Jackson2.x中内存泄露的风险点—封装的intern逻辑
1. String#intern方法
在 JAVA 语言中有8中基本类型和一种比较特殊的类型String。这些类型为了使他们在运行过程中速度更快,更节省内存,都提供了一种常量池的概念。常量池就类似一个JAVA系统级别提供的缓存。
8种基本类型的常量池都是系统协调的,String类型的常量池比较特殊。它的主要使用方法有两种:
直接使用双引号声明出来的String对象会直接存储在常量池中。
如果不是用双引号声明的String对象,可以使用String提供的intern方法。intern 方法会从字符串常量池中查询当前字符串是否存在,若不存在就会将当前字符串放入常量池中
正确使用intern方法,可以极大的减少内存使用空间,但是不当的使用intern方法,就会导致性能急剧下降。下面请看一个实际案例。
2. Jackson中使用intern方法导致内存泄露
2.1 问题分析
项目版本:Jackson:2.x、JDK1.8
问题原因:业务侧在Jackson反序列化时,会调用String#intern方法,触发JDK的bug(https://bugs.openjdk.java.net/browse/JDK-8180048)导致,这个bug会导致interned string得不到回收,从而导致内存泄露。
触发场景:反序列化的对象为Map<Long,String>,但是key为userId,不收敛。这些userId的字符串都会进入常量池,由于G1的bug,GC时没有被回收,导致内存持续泄露。
解决方案1:Jaskson使用intern string的这个特效,可以通过配置进行关闭:
private static final ObjectMapper MAPPER = new ObjectMapper(new JsonFactory().disable(INTERN_FIELD_NAMES));
github上有关于Jackson.INTERN_FIELD_NAMES特效的讨论,见https://github.com/FasterXML/jackson-core/issues/332,这个特性在2.x版本默认打开,在3.x版本默认关闭。
解决方案2:升级JDK到192u
2.2 源码分析
问题的根源就是反序列化时,key一般是固定的,若使用intern来处理,那么会大大节约反序列化时的空间,但是Map<Long,String>中的key因为是userId,所以会将大量的数据放入常量池中,从而导致内存泄露。

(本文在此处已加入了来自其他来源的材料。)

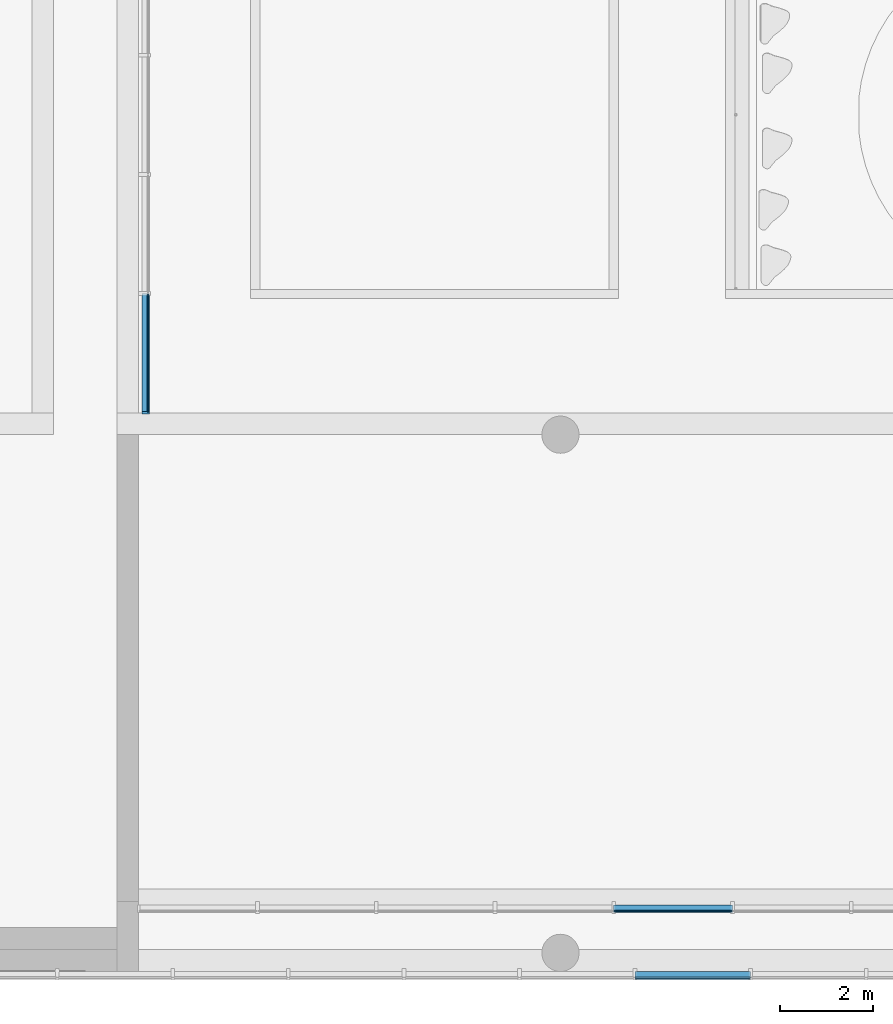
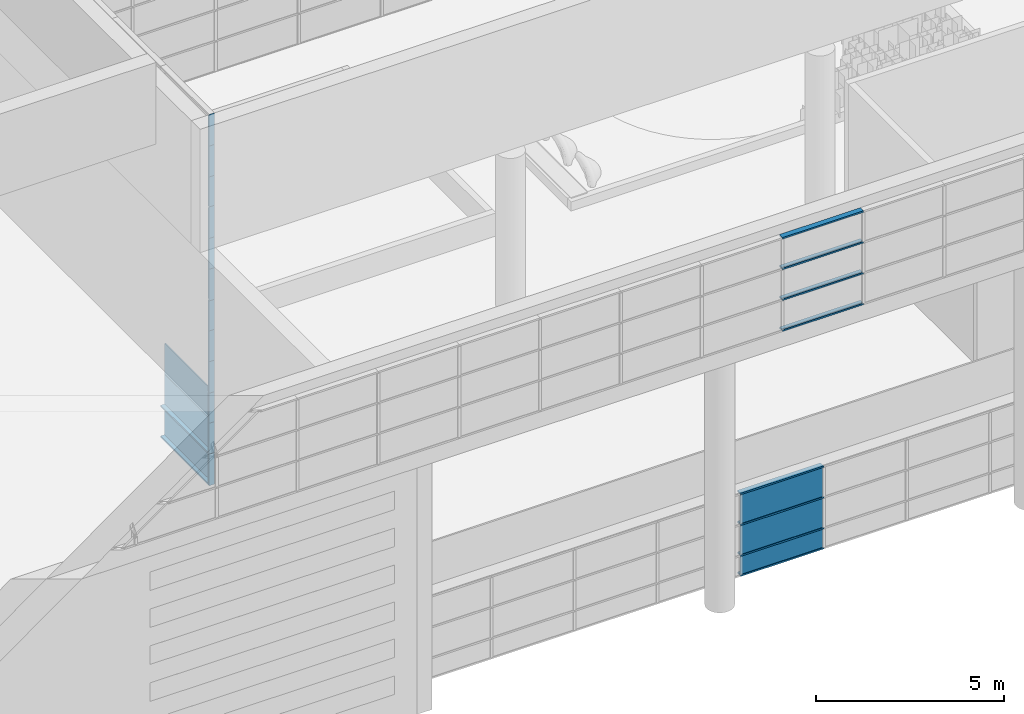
# One storey, part 23 of 105: 28 building element parts, 6 elements without a shape of their own.
"""IFC4 building model written with IfcOpenShell, lengths in millimetres."""

from ifc_helpers import new_model, entity, si_unit, converted_unit, derived_unit, direction, frame, origin_with_axes, place, context, subcontext, project, spatial, triangles, material, element, aggregate, save


model = new_model("IFC4")

# Units and contexts
model_context = context("Model", 3, precision=1e-05, world=origin_with_axes(), true_north=direction((0.0, 1.0)))
body_context = subcontext(model_context, "Body", "Model", "MODEL_VIEW")
ifc_project = project(units=[si_unit("LENGTHUNIT", "METRE", prefix="MILLI"), si_unit("AREAUNIT", "SQUARE_METRE"), si_unit("VOLUMEUNIT", "CUBIC_METRE"), converted_unit("PLANEANGLEUNIT", "DEGREE", entity("IfcLengthMeasure", 0.017453), si_unit("PLANEANGLEUNIT", "RADIAN"), dimensions=[0, 0, 0, 0, 0, 0, 0]), si_unit("SOLIDANGLEUNIT", "STERADIAN"), si_unit("MASSUNIT", "GRAM"), si_unit("TIMEUNIT", "SECOND"), si_unit("THERMODYNAMICTEMPERATUREUNIT", "DEGREE_CELSIUS"), si_unit("LUMINOUSINTENSITYUNIT", "LUMEN"), si_unit("POWERUNIT", "WATT"), derived_unit("THERMALTRANSMITTANCEUNIT", [(si_unit("POWERUNIT", "WATT"), 1), (si_unit("THERMODYNAMICTEMPERATUREUNIT", "KELVIN"), -1), (si_unit("AREAUNIT", "SQUARE_METRE"), -1)])], contexts=[model_context])

# Site, building, storey
site_placement = place(None, origin_with_axes())
site = spatial("IfcSite", under=ifc_project, at=site_placement, Name="Default Site", CompositionType="ELEMENT")
building_placement = place(site_placement, origin_with_axes())
building = spatial("IfcBuilding", under=site, at=building_placement, Name="Default Building", CompositionType="ELEMENT")
storey_placement = place(building_placement, origin_with_axes())
storey = spatial("IfcBuildingStorey", under=building, at=storey_placement, Name="OG - Story", CompositionType="ELEMENT", Elevation=0.0)

# Curtain wall, building element parts
curtain_wall_1_placement = place(storey_placement, origin_with_axes())
curtain_wall_1 = element("IfcCurtainWall", 1, at=curtain_wall_1_placement, inside=storey, Name="Fassade-001", PredefinedType="NOTDEFINED")
ifc_material_1 = material(Name="Normalglas")
building_element_part_1_placement = place(curtain_wall_1_placement, frame((52496.845873, -51289.262838, 0.0), z_axis=(0.0, 0.0, 1.0), x_axis=(1.0, 0.0, 0.0)))
building_element_part_1 = element("IfcBuildingElementPart", 2, at=building_element_part_1_placement, material=ifc_material_1, Name="Normalglas", PredefinedType="NOTDEFINED", context=body_context, shape_type="Tessellation", body=[
    triangles([(11469.091, 15.0, 645.0), (8938.182, 15.0, 645.0), (8938.182, -14.999, 645.0), (11469.091, -14.999, 645.0), (11469.091, 15.0, 5.0), (8938.182, 15.0, 5.0), (8938.182, -14.999, 5.0), (11469.091, -14.999, 5.0)], [[1, 2, 3], [1, 3, 4], [1, 5, 6], [1, 6, 2], [2, 6, 7], [2, 7, 3], [4, 3, 7], [4, 7, 8], [5, 1, 4], [5, 4, 8], [6, 5, 8], [6, 8, 7]], closed=False),
])
building_element_part_2_placement = place(curtain_wall_1_placement, frame((52496.845873, -51289.262838, 0.0), z_axis=(0.0, 0.0, 1.0), x_axis=(1.0, 0.0, 0.0)))
building_element_part_2 = element("IfcBuildingElementPart", 3, at=building_element_part_2_placement, material=ifc_material_1, Name="Normalglas", PredefinedType="NOTDEFINED", context=body_context, shape_type="Tessellation", body=[
    triangles([(11469.091, 15.0, 1645.0), (8938.182, 15.0, 1645.0), (8938.182, -14.999, 1645.0), (11469.091, -14.999, 1645.0), (11469.091, 15.0, 655.0), (8938.182, 15.0, 655.0), (8938.182, -14.999, 655.0), (11469.091, -14.999, 655.0)], [[1, 2, 3], [1, 3, 4], [1, 5, 6], [1, 6, 2], [2, 6, 7], [2, 7, 3], [4, 3, 7], [4, 7, 8], [5, 1, 4], [5, 4, 8], [6, 5, 8], [6, 8, 7]], closed=False),
])
building_element_part_3_placement = place(curtain_wall_1_placement, frame((52496.845873, -51289.262838, 0.0), z_axis=(0.0, 0.0, 1.0), x_axis=(1.0, 0.0, 0.0)))
building_element_part_3 = element("IfcBuildingElementPart", 4, at=building_element_part_3_placement, material=ifc_material_1, Name="Normalglas", PredefinedType="NOTDEFINED", context=body_context, shape_type="Tessellation", body=[
    triangles([(11469.091, 15.0, 2645.0), (8938.182, 15.0, 2645.0), (8938.182, -14.999, 2645.0), (11469.091, -14.999, 2645.0), (11469.091, 15.0, 1655.0), (8938.182, 15.0, 1655.0), (8938.182, -14.999, 1655.0), (11469.091, -14.999, 1655.0)], [[1, 2, 3], [1, 3, 4], [1, 5, 6], [1, 6, 2], [2, 6, 7], [2, 7, 3], [4, 3, 7], [4, 7, 8], [5, 1, 4], [5, 4, 8], [6, 5, 8], [6, 8, 7]], closed=False),
])
ifc_material_2 = material(Name="Blech")
building_element_part_4_placement = place(curtain_wall_1_placement, frame((52496.845873, -51289.262838, 0.0), z_axis=(0.0, 0.0, 1.0), x_axis=(1.0, 0.0, 0.0)))
building_element_part_4 = element("IfcBuildingElementPart", 5, at=building_element_part_4_placement, material=ifc_material_2, Name="Blech", PredefinedType="NOTDEFINED", context=body_context, shape_type="Tessellation", body=[
    triangles([(11479.091, 15.0, 25.0), (11479.091, 133.0, 25.0), (11479.091, 15.0, 5.0), (11479.091, 133.0, -24.999), (11479.091, -14.999, 5.0), (11479.091, -34.999, -24.999), (11479.091, -14.999, 25.0), (11479.091, -34.999, 25.0), (8928.182, 15.0, 5.0), (8928.182, -14.999, 5.0), (8928.182, -14.999, 25.0), (8928.182, -34.999, 25.0), (8928.182, -34.999, -24.999), (8928.182, 133.0, -24.999), (8928.182, 133.0, 25.0), (8928.182, 15.0, 25.0)], [[1, 2, 3], [3, 2, 4], [3, 4, 5], [5, 4, 6], [5, 6, 7], [7, 6, 8], [5, 3, 9], [5, 9, 10], [11, 7, 5], [11, 5, 10], [7, 11, 12], [7, 12, 8], [13, 6, 8], [13, 8, 12], [14, 4, 6], [14, 6, 13], [15, 2, 4], [15, 4, 14], [16, 1, 2], [16, 2, 15], [3, 1, 16], [3, 16, 9], [16, 15, 9], [9, 15, 14], [9, 14, 10], [10, 14, 13], [10, 13, 11], [11, 13, 12]], closed=False),
])
building_element_part_5_placement = place(curtain_wall_1_placement, frame((52496.845873, -51289.262838, 0.0), z_axis=(0.0, 0.0, 1.0), x_axis=(1.0, 0.0, 0.0)))
building_element_part_5 = element("IfcBuildingElementPart", 6, at=building_element_part_5_placement, material=ifc_material_2, Name="Blech", PredefinedType="NOTDEFINED", context=body_context, shape_type="Tessellation", body=[
    triangles([(11479.091, 133.0, 675.0), (11479.091, 15.0, 675.0), (11479.091, 133.0, 625.0), (11479.091, 15.0, 655.0), (11479.091, 15.0, 645.0), (11479.091, -14.999, 655.0), (11479.091, -14.999, 645.0), (11479.091, -14.999, 625.0), (11479.091, -14.999, 675.0), (11479.091, -34.999, 675.0), (11479.091, -34.999, 625.0), (11479.091, 15.0, 625.0), (8928.182, 15.0, 645.0), (8928.182, 15.0, 625.0), (8928.182, 133.0, 625.0), (8928.182, 133.0, 675.0), (8928.182, 15.0, 675.0), (8928.182, 15.0, 655.0), (8928.182, -14.999, 655.0), (8928.182, -14.999, 675.0), (8928.182, -34.999, 675.0), (8928.182, -34.999, 625.0), (8928.182, -14.999, 625.0), (8928.182, -14.999, 645.0)], [[1, 2, 3], [3, 2, 4], [3, 4, 5], [5, 4, 6], [5, 6, 7], [8, 9, 10], [8, 10, 11], [3, 5, 12], [12, 5, 13], [12, 13, 14], [12, 14, 15], [12, 15, 3], [1, 3, 15], [1, 15, 16], [2, 1, 16], [2, 16, 17], [2, 17, 18], [2, 18, 4], [4, 18, 19], [4, 19, 6], [9, 6, 19], [9, 19, 20], [20, 21, 10], [20, 10, 9], [11, 10, 21], [11, 21, 22], [23, 8, 11], [23, 11, 22], [7, 8, 23], [7, 23, 24], [5, 7, 24], [5, 24, 13], [15, 14, 16], [16, 14, 13], [16, 13, 18], [18, 13, 24], [18, 24, 19], [20, 23, 22], [20, 22, 21], [16, 18, 17]], closed=False),
])
building_element_part_6_placement = place(curtain_wall_1_placement, frame((52496.845873, -51289.262838, 0.0), z_axis=(0.0, 0.0, 1.0), x_axis=(1.0, 0.0, 0.0)))
building_element_part_6 = element("IfcBuildingElementPart", 7, at=building_element_part_6_placement, material=ifc_material_2, Name="Blech", PredefinedType="NOTDEFINED", context=body_context, shape_type="Tessellation", body=[
    triangles([(11479.091, 133.0, 1675.0), (11479.091, 15.0, 1675.0), (11479.091, 133.0, 1625.0), (11479.091, 15.0, 1655.0), (11479.091, 15.0, 1645.0), (11479.091, -14.999, 1655.0), (11479.091, -14.999, 1645.0), (11479.091, -14.999, 1625.0), (11479.091, -14.999, 1675.0), (11479.091, -34.999, 1675.0), (11479.091, -34.999, 1625.0), (11479.091, 15.0, 1625.0), (8928.182, 15.0, 1645.0), (8928.182, 15.0, 1625.0), (8928.182, 133.0, 1625.0), (8928.182, 133.0, 1675.0), (8928.182, 15.0, 1675.0), (8928.182, 15.0, 1655.0), (8928.182, -14.999, 1655.0), (8928.182, -14.999, 1675.0), (8928.182, -34.999, 1675.0), (8928.182, -34.999, 1625.0), (8928.182, -14.999, 1625.0), (8928.182, -14.999, 1645.0)], [[1, 2, 3], [3, 2, 4], [3, 4, 5], [5, 4, 6], [5, 6, 7], [8, 9, 10], [8, 10, 11], [3, 5, 12], [12, 5, 13], [12, 13, 14], [12, 14, 15], [12, 15, 3], [1, 3, 15], [1, 15, 16], [2, 1, 16], [2, 16, 17], [2, 17, 18], [2, 18, 4], [4, 18, 19], [4, 19, 6], [9, 6, 19], [9, 19, 20], [20, 21, 10], [20, 10, 9], [11, 10, 21], [11, 21, 22], [23, 8, 11], [23, 11, 22], [7, 8, 23], [7, 23, 24], [5, 7, 24], [5, 24, 13], [15, 14, 16], [16, 14, 13], [16, 13, 18], [18, 13, 24], [18, 24, 19], [20, 23, 22], [20, 22, 21], [16, 18, 17]], closed=False),
])
building_element_part_7_placement = place(curtain_wall_1_placement, frame((52496.845873, -51289.262838, 0.0), z_axis=(0.0, 0.0, 1.0), x_axis=(1.0, 0.0, 0.0)))
building_element_part_7 = element("IfcBuildingElementPart", 8, at=building_element_part_7_placement, material=ifc_material_2, Name="Blech", PredefinedType="NOTDEFINED", context=body_context, shape_type="Tessellation", body=[
    triangles([(11479.091, 15.0, 2625.0), (11479.091, 133.0, 2625.0), (11479.091, 15.0, 2645.0), (11479.091, 133.0, 2675.0), (11479.091, -14.999, 2645.0), (11479.091, -34.999, 2675.0), (11479.091, -14.999, 2625.0), (11479.091, -34.999, 2625.0), (8928.182, 15.0, 2645.0), (8928.182, 15.0, 2625.0), (8928.182, 133.0, 2625.0), (8928.182, 133.0, 2675.0), (8928.182, -34.999, 2675.0), (8928.182, -34.999, 2625.0), (8928.182, -14.999, 2625.0), (8928.182, -14.999, 2645.0)], [[1, 2, 3], [3, 2, 4], [3, 4, 5], [5, 4, 6], [5, 6, 7], [7, 6, 8], [3, 9, 10], [3, 10, 1], [10, 11, 2], [10, 2, 1], [11, 12, 4], [11, 4, 2], [12, 13, 6], [12, 6, 4], [13, 14, 8], [13, 8, 6], [7, 8, 14], [7, 14, 15], [15, 16, 5], [15, 5, 7], [5, 16, 9], [5, 9, 3], [10, 11, 9], [9, 11, 12], [9, 12, 16], [16, 12, 13], [16, 13, 15], [15, 13, 14]], closed=False),
])
aggregate(curtain_wall_1, [building_element_part_1, building_element_part_2, building_element_part_3, building_element_part_4, building_element_part_5, building_element_part_6, building_element_part_7])

curtain_wall_2_placement = place(storey_placement, origin_with_axes())
curtain_wall_2 = element("IfcCurtainWall", 9, at=curtain_wall_2_placement, inside=storey, Name="Fassade-002", PredefinedType="NOTDEFINED")
building_element_part_8_placement = place(curtain_wall_2_placement, frame((33339.077852, -52722.262838, 8660.317768), z_axis=(0.0, 0.0, 1.0), x_axis=(1.0, 0.0, 0.0)))
building_element_part_8 = element("IfcBuildingElementPart", 10, at=building_element_part_8_placement, material=ifc_material_2, Name="Blech", PredefinedType="NOTDEFINED", context=body_context, shape_type="Tessellation", body=[
    triangles([(31026.161, 15.0, 25.0), (31026.161, 133.0, 25.0), (31026.161, 15.0, 5.0), (31026.161, 133.0, -24.999), (31026.161, -14.999, 5.0), (31026.161, -34.999, -24.999), (31026.161, -14.999, 25.0), (31026.161, -34.999, 25.0), (28544.068, 15.0, 5.0), (28544.068, -14.999, 5.0), (28544.068, -14.999, 25.0), (28544.068, -34.999, 25.0), (28544.068, -34.999, -24.999), (28544.068, 133.0, -24.999), (28544.068, 133.0, 25.0), (28544.068, 15.0, 25.0)], [[1, 2, 3], [3, 2, 4], [3, 4, 5], [5, 4, 6], [5, 6, 7], [7, 6, 8], [5, 3, 9], [5, 9, 10], [11, 7, 5], [11, 5, 10], [7, 11, 12], [7, 12, 8], [13, 6, 8], [13, 8, 12], [14, 4, 6], [14, 6, 13], [15, 2, 4], [15, 4, 14], [16, 1, 2], [16, 2, 15], [3, 1, 16], [3, 16, 9], [16, 15, 9], [9, 15, 14], [9, 14, 10], [10, 14, 13], [10, 13, 11], [11, 13, 12]], closed=False),
])
building_element_part_9_placement = place(curtain_wall_2_placement, frame((33339.077852, -52722.262838, 8660.317768), z_axis=(0.0, 0.0, 1.0), x_axis=(1.0, 0.0, 0.0)))
building_element_part_9 = element("IfcBuildingElementPart", 11, at=building_element_part_9_placement, material=ifc_material_2, Name="Blech", PredefinedType="NOTDEFINED", context=body_context, shape_type="Tessellation", body=[
    triangles([(31026.161, 133.0, 1025.0), (31026.161, 15.0, 1025.0), (31026.161, 133.0, 975.0), (31026.161, 15.0, 1005.0), (31026.161, 15.0, 995.0), (31026.161, -14.999, 1005.0), (31026.161, -14.999, 995.0), (31026.161, -14.999, 975.0), (31026.161, -14.999, 1025.0), (31026.161, -34.999, 1025.0), (31026.161, -34.999, 975.0), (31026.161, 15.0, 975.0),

com.fasterxml.jackson.core.sym.CharsToNameCanonicalizer#_addSymbol
源码分析.png2.3 源码学习—如何优化intern性能损耗
调用String#intern()方法有两个操作:
- new String()的操作;
- intern()的操作;(这个操作是额外的,会存在性能上的损耗)
Jackson给出了一个缓存类,可以借鉴思索下:
package com.fasterxml.jackson.core.util;
import java.util.LinkedHashMap;
import java.util.concurrent.ConcurrentHashMap;
/**
* Singleton class that adds a simple first-level cache in front of
* regular String.intern() functionality. This is done as a minor
* performance optimization, to avoid calling native intern() method
* in cases where same String is being interned multiple times.
*<p>
* Note: that this class extends {@link LinkedHashMap} is an implementation
* detail -- no code should ever directly call Map methods.
*/
public final class InternCache
extends ConcurrentHashMap<String,String> // since 2.3
{
private static final long serialVersionUID = 1L;
/**
* Size to use is somewhat arbitrary, so let's choose something that's
* neither too small (low hit ratio) nor too large (waste of memory).
*<p>
* One consideration is possible attack via colliding {@link String#hashCode};
* because of this, limit to reasonably low setting.
*/
private final static int MAX_ENTRIES = 180;
public final static InternCache instance = new InternCache();
/**
* As minor optimization let's try to avoid "flush storms",
* cases where multiple threads might try to concurrently
* flush the map.
*/
private final Object lock = new Object();
private InternCache() { super(MAX_ENTRIES, 0.8f, 4); }
public String intern(String input) {
String result = get(input);
if (result != null) { return result; }
/* 18-Sep-2013, tatu: We used to use LinkedHashMap, which has simple LRU
* method. No such functionality exists with CHM; and let's use simplest
* possible limitation: just clear all contents. This because otherwise
* we are simply likely to keep on clearing same, commonly used entries.
*/
if (size() >= MAX_ENTRIES) {
/* Not incorrect wrt well-known double-locking anti-pattern because underlying
* storage gives close enough answer to real one here; and we are
* more concerned with flooding than starvation.
*/
synchronized (lock) {
if (size() >= MAX_ENTRIES) {
clear();
}
}
}
result = input.intern();
put(result, result);
return result;
}
}